↓

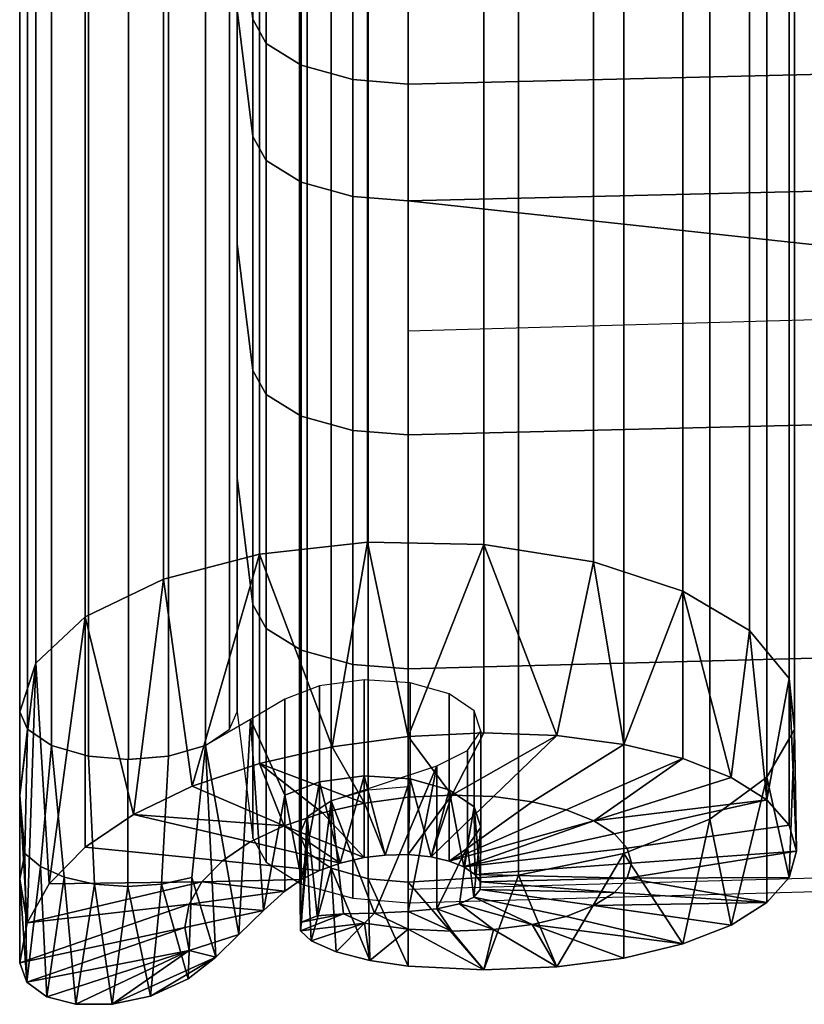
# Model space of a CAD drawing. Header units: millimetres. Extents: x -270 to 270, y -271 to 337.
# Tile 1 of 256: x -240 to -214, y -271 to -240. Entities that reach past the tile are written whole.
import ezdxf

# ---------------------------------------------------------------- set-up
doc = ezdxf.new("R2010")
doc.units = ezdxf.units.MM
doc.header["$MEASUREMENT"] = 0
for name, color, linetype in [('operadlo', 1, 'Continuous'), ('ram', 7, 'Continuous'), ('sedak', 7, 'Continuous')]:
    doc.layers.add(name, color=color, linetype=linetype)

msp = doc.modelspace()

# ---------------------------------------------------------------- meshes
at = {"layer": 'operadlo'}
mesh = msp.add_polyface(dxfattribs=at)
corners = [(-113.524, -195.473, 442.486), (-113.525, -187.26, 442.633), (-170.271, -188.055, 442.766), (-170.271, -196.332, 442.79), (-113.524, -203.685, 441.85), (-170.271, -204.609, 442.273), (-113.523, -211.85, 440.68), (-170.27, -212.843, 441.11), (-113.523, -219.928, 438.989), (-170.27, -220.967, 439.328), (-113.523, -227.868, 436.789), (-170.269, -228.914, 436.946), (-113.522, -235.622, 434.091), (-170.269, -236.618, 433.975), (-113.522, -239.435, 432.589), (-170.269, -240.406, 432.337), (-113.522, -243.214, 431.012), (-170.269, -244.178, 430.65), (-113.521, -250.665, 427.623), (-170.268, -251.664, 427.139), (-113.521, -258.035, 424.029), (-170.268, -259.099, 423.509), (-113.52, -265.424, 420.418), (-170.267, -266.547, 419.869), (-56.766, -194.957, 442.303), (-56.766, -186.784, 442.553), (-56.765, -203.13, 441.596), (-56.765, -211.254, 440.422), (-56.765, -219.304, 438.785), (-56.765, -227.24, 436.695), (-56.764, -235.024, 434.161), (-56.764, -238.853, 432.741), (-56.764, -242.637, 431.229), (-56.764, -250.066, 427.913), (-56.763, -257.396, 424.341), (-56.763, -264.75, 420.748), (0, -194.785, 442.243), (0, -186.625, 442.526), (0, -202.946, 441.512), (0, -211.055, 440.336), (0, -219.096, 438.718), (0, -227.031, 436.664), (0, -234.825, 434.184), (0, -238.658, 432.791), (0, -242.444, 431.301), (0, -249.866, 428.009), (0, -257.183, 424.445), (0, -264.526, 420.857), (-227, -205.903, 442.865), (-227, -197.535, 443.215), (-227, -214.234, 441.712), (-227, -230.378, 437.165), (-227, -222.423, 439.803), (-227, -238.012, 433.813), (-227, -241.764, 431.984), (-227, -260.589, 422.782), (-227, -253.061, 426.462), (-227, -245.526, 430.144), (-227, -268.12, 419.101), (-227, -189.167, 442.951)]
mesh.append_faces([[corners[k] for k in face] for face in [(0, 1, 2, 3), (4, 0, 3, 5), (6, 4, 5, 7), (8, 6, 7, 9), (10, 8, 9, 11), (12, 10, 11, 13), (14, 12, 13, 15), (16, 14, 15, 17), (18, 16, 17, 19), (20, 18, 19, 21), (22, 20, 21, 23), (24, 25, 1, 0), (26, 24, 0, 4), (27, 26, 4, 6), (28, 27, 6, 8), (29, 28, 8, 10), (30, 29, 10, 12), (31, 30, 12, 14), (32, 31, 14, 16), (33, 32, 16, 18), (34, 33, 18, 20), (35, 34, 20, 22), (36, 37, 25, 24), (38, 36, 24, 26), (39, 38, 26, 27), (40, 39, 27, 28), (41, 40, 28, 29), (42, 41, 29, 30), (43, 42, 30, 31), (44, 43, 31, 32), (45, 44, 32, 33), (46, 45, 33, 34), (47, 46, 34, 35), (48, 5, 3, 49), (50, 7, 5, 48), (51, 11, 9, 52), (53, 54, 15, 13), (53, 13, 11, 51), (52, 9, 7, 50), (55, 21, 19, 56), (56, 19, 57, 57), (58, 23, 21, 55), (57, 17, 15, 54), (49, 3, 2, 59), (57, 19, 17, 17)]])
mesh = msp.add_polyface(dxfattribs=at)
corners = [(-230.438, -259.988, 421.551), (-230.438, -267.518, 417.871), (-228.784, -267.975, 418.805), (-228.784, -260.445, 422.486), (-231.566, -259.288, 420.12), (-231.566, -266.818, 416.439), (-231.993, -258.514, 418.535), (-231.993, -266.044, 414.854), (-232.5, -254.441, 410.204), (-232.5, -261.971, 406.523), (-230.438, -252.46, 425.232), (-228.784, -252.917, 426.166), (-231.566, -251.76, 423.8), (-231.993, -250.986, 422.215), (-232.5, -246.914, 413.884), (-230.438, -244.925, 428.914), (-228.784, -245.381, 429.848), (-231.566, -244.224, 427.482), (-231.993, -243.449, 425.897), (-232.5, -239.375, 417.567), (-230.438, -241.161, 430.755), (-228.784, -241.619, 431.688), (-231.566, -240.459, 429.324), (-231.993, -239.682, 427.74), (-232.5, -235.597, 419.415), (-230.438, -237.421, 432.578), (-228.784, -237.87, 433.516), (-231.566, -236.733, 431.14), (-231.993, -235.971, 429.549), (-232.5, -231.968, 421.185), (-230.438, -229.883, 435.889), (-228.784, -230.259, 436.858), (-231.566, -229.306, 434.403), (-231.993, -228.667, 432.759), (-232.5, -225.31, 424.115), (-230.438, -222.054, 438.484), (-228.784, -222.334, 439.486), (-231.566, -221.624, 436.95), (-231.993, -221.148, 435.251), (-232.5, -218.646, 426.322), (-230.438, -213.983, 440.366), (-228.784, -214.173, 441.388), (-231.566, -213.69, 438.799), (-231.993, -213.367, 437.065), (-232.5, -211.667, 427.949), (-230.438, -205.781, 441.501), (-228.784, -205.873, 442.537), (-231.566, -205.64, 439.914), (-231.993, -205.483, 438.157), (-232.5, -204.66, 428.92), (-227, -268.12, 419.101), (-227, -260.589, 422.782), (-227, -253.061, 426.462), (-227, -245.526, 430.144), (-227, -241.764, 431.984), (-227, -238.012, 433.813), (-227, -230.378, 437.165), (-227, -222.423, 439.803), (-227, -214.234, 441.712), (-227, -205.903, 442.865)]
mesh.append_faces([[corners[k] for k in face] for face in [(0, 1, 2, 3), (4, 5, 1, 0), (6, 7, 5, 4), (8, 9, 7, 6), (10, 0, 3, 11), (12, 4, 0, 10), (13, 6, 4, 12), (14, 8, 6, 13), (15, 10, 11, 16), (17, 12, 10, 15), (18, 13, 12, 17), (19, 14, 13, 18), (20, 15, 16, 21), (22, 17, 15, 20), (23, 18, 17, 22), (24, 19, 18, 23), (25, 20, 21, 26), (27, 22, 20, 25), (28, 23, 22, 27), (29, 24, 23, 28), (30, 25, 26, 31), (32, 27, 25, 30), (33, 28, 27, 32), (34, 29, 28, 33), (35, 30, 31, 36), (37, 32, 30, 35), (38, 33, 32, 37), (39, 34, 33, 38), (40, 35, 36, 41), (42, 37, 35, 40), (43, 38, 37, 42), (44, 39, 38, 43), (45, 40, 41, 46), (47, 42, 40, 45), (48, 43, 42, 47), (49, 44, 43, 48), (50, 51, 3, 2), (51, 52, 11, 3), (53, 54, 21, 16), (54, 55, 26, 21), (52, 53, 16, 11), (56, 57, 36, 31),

↑

▶ [TASK INSTRUCTIONS]: Would you return all lines from the preceding listing that contain the word "color"?

▶ [TASK ANSWER]:
for name, color, linetype in [('operadlo', 1, 'Continuous'), ('ram', 7, 'Continuous'), ('sedak', 7, 'Continuous')]:
    doc.layers.add(name, color=color, linetype=linetype)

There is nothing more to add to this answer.